Food Insecurity, Poverty and Conflict

Since the beginning of history, humanity has faced a vicious cycle of hunger and conflict. In their search for secure food supplies, our ancestors fought others for the control of land, crops, and technology that produces food.

At the same time, conflict, wars, and violence are the greatest causes of famines and children’s deaths due to malnutrition.

The Nobel Prize awarded to the World Food Programme (WFP) acknowledges the importance of this age-old challenge and the extraordinary work done by WFP staff to break this vicious cycle in some of the most desperate parts of the world.

From hunger to war

People living in war zones face enormous challenges and adopt a mix of legal and illegal, formal and informal activities in order to survive and protect their livelihoods.

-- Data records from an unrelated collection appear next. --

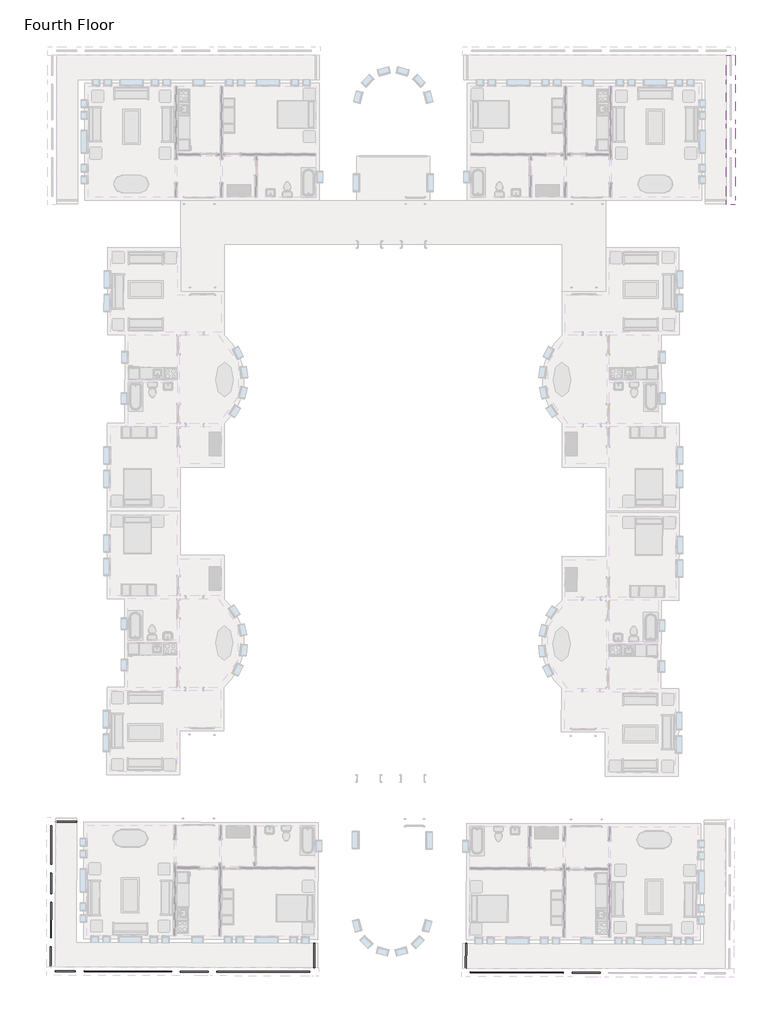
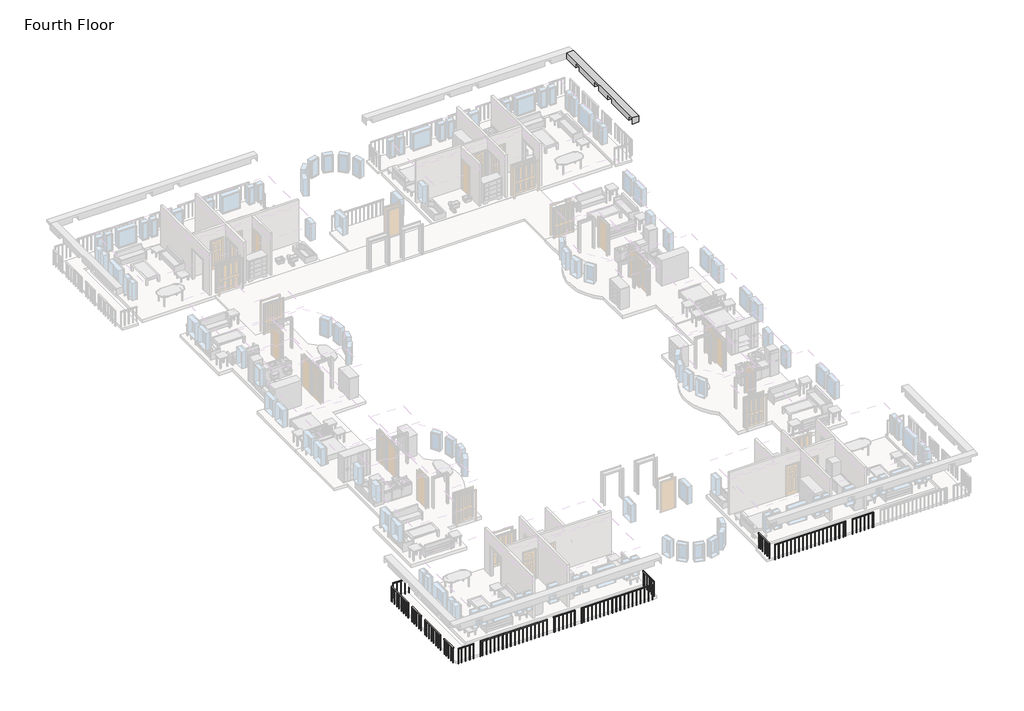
# One storey, part 4 of 8: 13 railings, 1 beam.
"""IFC4 building model written with IfcOpenShell, lengths in millimetres."""

from ifc_helpers import new_model, si_unit, frame, origin, place, context, project, spatial, polyline, outline, extrude, faceted_brep, element, save

model = new_model("IFC4")

# Units and contexts
model_context = context("Model", 3, world=origin())
ifc_project = project(units=[si_unit("LENGTHUNIT", "METRE", prefix="MILLI")], contexts=[model_context])

# Site, building, storey
site = spatial("IfcSite", under=ifc_project)
building = spatial("IfcBuilding", under=site)
storey = spatial("IfcBuildingStorey", under=building, Name="Fourth Floor", Elevation=9144.0)

# Beam
placement = place(None, origin())
element("IfcBeam", 1, ObjectType="M_Concrete-Rectangular Beam : 450 x 450", at=placement, inside=storey, context=model_context, shape_type="Brep", body=[
    faceted_brep([(-1193.3416203, -3743.8811614, 12192.0), (-1643.3416203, -3743.8811614, 12192.0), (-1643.3416203, -3743.8811614, 11742.0), (-1193.3416203, -3743.8811614, 11742.0), (-1193.3416203, 4031.1188386, 12192.0), (-1643.3416203, 4031.1188386, 12192.0), (-1643.3416203, 4031.1188386, 12042.0), (-1643.3416203, 4031.1188386, 11742.0), (-1643.3416203, 2981.1188386, 11742.0), (-1643.3416203, 2981.1188386, 12042.0), (-1643.3416203, 2531.1188386, 12042.0), (-1643.3416203, 2531.1188386, 11742.0), (-1643.3416203, 681.1188386, 11742.0), (-1643.3416203, 681.1188386, 12042.0), (-1643.3416203, 231.1188386, 12042.0), (-1643.3416203, 231.1188386, 11742.0), (-1643.3416203, -845.3811614, 11742.0), (-1643.3416203, -845.3811614, 12042.0), (-1643.3416203, -1295.3811614, 12042.0), (-1643.3416203, -1295.3811614, 11742.0), (-1643.3416203, -3289.8811614, 11742.0), (-1643.3416203, -3289.8811614, 12042.0), (-1643.3416203, -3739.8811614, 12042.0), (-1643.3416203, -3739.8811614, 11742.0), (-1193.3416203, -3739.8811614, 11742.0), (-1193.3416203, -3739.8811614, 12042.0), (-1193.3416203, -3289.8811614, 12042.0), (-1193.3416203, -3289.8811614, 11742.0), (-1193.3416203, -1295.3811614, 11742.0), (-1193.3416203, -1295.3811614, 12042.0), (-1193.3416203, -845.3811614, 12042.0), (-1193.3416203, -845.3811614, 11742.0), (-1193.3416203, 231.1188386, 11742.0), (-1193.3416203, 231.1188386, 12042.0), (-1193.3416203, 681.1188386, 12042.0), (-1193.3416203, 681.1188386, 11742.0), (-1193.3416203, 2531.1188386, 11742.0), (-1193.3416203, 2531.1188386, 12042.0), (-1193.3416203, 2981.1188386, 12042.0), (-1193.3416203, 2981.1188386, 11742.0), (-1193.3416203, 4031.1188386, 11742.0), (-1193.3416203, 4031.1188386, 12042.0)], [[[0, 1, 2, 3]], [[1, 0, 4, 5]], [[2, 1, 5, 6, 7, 8, 9, 10, 11, 12, 13, 14, 15, 16, 17, 18, 19, 20, 21, 22, 23]], [[3, 2, 23, 24]], [[0, 3, 24, 25, 26, 27, 28, 29, 30, 31, 32, 33, 34, 35, 36, 37, 38, 39, 40, 41, 4]], [[5, 4, 41, 40, 7, 6]], [[10, 37, 36, 11]], [[38, 9, 8, 39]], [[37, 10, 9, 38]], [[7, 40, 39, 8]], [[14, 33, 32, 15]], [[34, 13, 12, 35]], [[33, 14, 13, 34]], [[11, 36, 35, 12]], [[18, 29, 28, 19]], [[30, 17, 16, 31]], [[29, 18, 17, 30]], [[15, 32, 31, 16]], [[26, 21, 20, 27]], [[25, 22, 21, 26]], [[22, 25, 24, 23]], [[19, 28, 27, 20]]]),
])

# Railings
element("IfcRailing", 2, ObjectType="1100mm", at=placement, inside=storey, context=model_context, shape_type="SweptSolid", body=[
    extrude(outline(polyline([(-14954.7371889, -43662.8708828), (-14954.5924462, -43612.8710923), (-10112.6127346, -43626.8879749), (-10112.7574773, -43676.8877654), (-14954.7371889, -43662.8708828)])), frame((0.0, 0.0, 10194.0), z_axis=(0.0, 0.0, 1.0), x_axis=(1.0, 0.0, 0.0)), (0.0, 0.0, 1.0), 50.0),
    extrude(outline(polyline([(-10292.1481682, -43638.8682963), (-10267.1482729, -43638.9406676), (-10267.2206443, -43663.9405629), (-10292.2205395, -43663.8681915), (-10292.1481682, -43638.8682963)])), frame((0.0, 0.0, 9144.0), z_axis=(0.0, 0.0, 1.0), x_axis=(1.0, 0.0, 0.0)), (0.0, 0.0, 1.0), 1050.0),
    extrude(outline(polyline([(-10567.1470159, -43638.0722115), (-10542.1471207, -43638.1445828), (-10542.219492, -43663.144478), (-10567.2193872, -43663.0721067), (-10567.1470159, -43638.0722115)])), frame((0.0, 0.0, 9144.0), z_axis=(0.0, 0.0, 1.0), x_axis=(1.0, 0.0, 0.0)), (0.0, 0.0, 1.0), 1050.0),
    extrude(outline(polyline([(-10842.1458636, -43637.2761266), (-10817.1459684, -43637.348498), (-10817.2183397, -43662.3483932), (-10842.218235, -43662.2760219), (-10842.1458636, -43637.2761266)])), frame((0.0, 0.0, 9144.0), z_axis=(0.0, 0.0, 1.0), x_axis=(1.0, 0.0, 0.0)), (0.0, 0.0, 1.0), 1050.0),
    extrude(outline(polyline([(-11117.1447113, -43636.4800418), (-11092.1448161, -43636.5524131), (-11092.2171874, -43661.5523084), (-11117.2170827, -43661.479937), (-11117.1447113, -43636.4800418)])), frame((0.0, 0.0, 9144.0), z_axis=(0.0, 0.0, 1.0), x_axis=(1.0, 0.0, 0.0)), (0.0, 0.0, 1.0), 1050.0),
    extrude(outline(polyline([(-11392.1435591, -43635.683957), (-11367.1436638, -43635.7563283), (-11367.2160352, -43660.7562236), (-11392.2159304, -43660.6838522), (-11392.1435591, -43635.683957)])), frame((0.0, 0.0, 9144.0), z_axis=(0.0, 0.0, 1.0), x_axis=(1.0, 0.0, 0.0)), (0.0, 0.0, 1.0), 1050.0),
    extrude(outline(polyline([(-11667.1424068, -43634.8878721), (-11642.1425115, -43634.9602435), (-11642.2148829, -43659.9601387), (-11667.2147781, -43659.8877674), (-11667.1424068, -43634.8878721)])), frame((0.0, 0.0, 9144.0), z_axis=(0.0, 0.0, 1.0), x_axis=(1.0, 0.0, 0.0)), (0.0, 0.0, 1.0), 1050.0),
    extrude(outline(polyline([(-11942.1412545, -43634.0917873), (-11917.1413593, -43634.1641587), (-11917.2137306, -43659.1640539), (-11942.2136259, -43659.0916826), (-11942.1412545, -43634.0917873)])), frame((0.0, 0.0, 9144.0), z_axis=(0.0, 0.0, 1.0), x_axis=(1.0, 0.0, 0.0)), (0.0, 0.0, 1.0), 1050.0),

This sometimes includes participation in and support for warring factions. Often civilians survive and protect their livelihoods. Ensuring food security can lead to various forms of voluntary and involuntary support for armed groups.

Many join armed groups as a livelihood coping strategy and to secure protection from violence and from hunger, for themselves and their families.

Food prices may reinforce conflict

Beyond immediate survival, there is also evidence that food price increases may breed conflict.

Increases in food prices and the hunger and food insecurity they cause may strengthen existing grievances and the potential for civil unrest. Meanwhile, destitution and hunger may reduce the opportunity costs of individuals participating in, joining, or supporting armed factions.

These factors are further aggravated by global uncertainties. For example, climate change, which may exacerbate conflicts across borders and between population groups that depend on agriculture or food trade for their survival.

How does food insecurity lead to war?

Violent conflicts kill millions of people across the world, but only a small percentage of such deaths are from direct violence.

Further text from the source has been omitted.